Wilcox: I think he came in here and bought in and he's trying to do what we asked him to do. He's playing a little bit out of position and I think Malik can be an inside guy but he needs to gain some weight. He needs to gain some strength. Malik has to be a little more consistent. He's had some good plays. He's had some not so good plays. I think he'll get better and better with time and having him here has helped our D-line, no doubt.
Hooker: Did you think that you might be able to get a little more out of Chris Walker when you come into this season?
Wilcox: Chris is a great kid, and he has battled a little bit of that being old and he's got a little bit of that knee that's bothered him at times. Chris has just got to keep pouring it on and we need him to make some plays for us and I think he will. I think getting a rotation at defensive line is also important with Jacques Smith and Corey [Miller] and Willie Bohannon being able to rotate will help some of those other guys. But Chris, I think, doesn't have the numbers that he wants to have and he's probably had some plays that he thought he should have made and I'm the same. But he's also a guy that will continue to battle and he will make those plays and we've got to make them down the stretch.
Hooker: You seem like a guy that has the same demeanor each and every week despite whether it's a win or a loss. Does it ever become a grind when the results aren't what you want them to be?
Wilcox: Nobody wants to lose. Nobody on the planet wants to lose, and I think what's important for us - and Coach Dooley says - you aren't focused on winning and losing. You are focused on your opponent but we are more focused on ourselves and how do we prepare, how do we improve our focus, how do we improve our preparation? The biggest thing comes down to executing, whether you're playing in practice, whether you're playing Alabama or Memphis, or the Atlanta Falcons. It doesn't matter. It's all about how you execute the call and the technique and that's what is really important.
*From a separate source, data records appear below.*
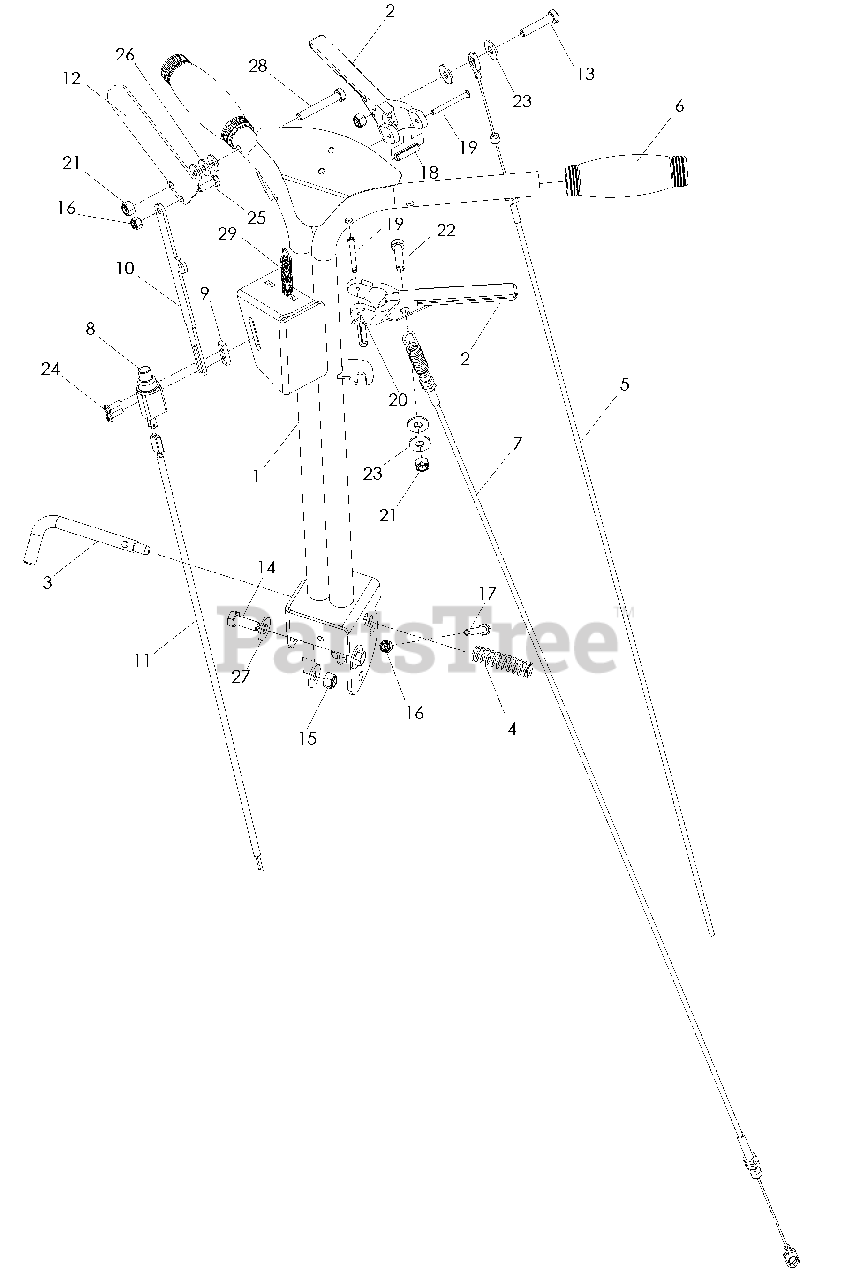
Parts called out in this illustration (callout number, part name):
1	HANDLE, ORANGE
2	LEVER, DRIVE
3	PIN, SPRING
4	SPRING, COMPRESSION
5	CABLE, THROTTLE
6	GRIP, HANDLE
7	CABLE, DEPTH
8	SWITCH, PLUNGER
9	PLATE, TAPPED
11	WIRE HARNESS
13	HCS 5/16-18 x 1 1/2
14	HCS 3/8-16 x 1
15	NUT 3/8-16 HEX NYLOC
16	NUT 1/4-20 HEX NYLOC
17	HCS 1/4-20 x 2
19	PIN, CLEVIS
20	COTTER PIN 3/32 x 3/4
21	NUT 5/16-18 HEX NYLOC
22	HCS 5/16-18 x 1 1/4
23	WASHER 5/16 STD FLT
24	SCREW #10-24 x .625
25	HCS 1/4-20 x 3/4
26	WASHER 1/4 FLAT
27	WASHER 3/8 STD FLT
28	HCS 5/16-18 x 2

As long as we are making progress there that is what we need to be focused on, and if we do that all that other stuff comes. When you start focusing on the wrong things then you are just setting yourself up for failure. As a coach, we go into every week thinking that we are going to win the game and play well and practice well and all that, but does it always happen? It doesn't, no. But we've got to stay the course on it and the players have to stay the course on it and all of us together have to fix it and make it right. But it's not some magic pill. It's not some magic defense. It's not some magic player. It's everybody doing their job to the best of their ability so that we can go out there and execute on Saturdays and that's where it'll produce results.
Hooker: Have you been surprised by anything in the SEC this year?
Wilcox: I guess it's a two level question. Player-wise there is no doubt this is the best size and speed. The size and speed is different from any other conference I've been in, and I expected that. There are a certain number of plays that are out there in football, and we've seen those plays before. Inside/Outside zone people run that everywhere. Power: they run that everywhere.
So, I think for us it's been more execution and being consistent on those things and there is a lot that is involved with that. It's an awesome league. It really is. It's an awesome place to compete and play and to coach in. It's exciting, and for us it's about those things. It's about getting those guys to prepare well and to go out and execute well. In terms of the plays, we've seen zone read before. We've seen power before. It's no different that way.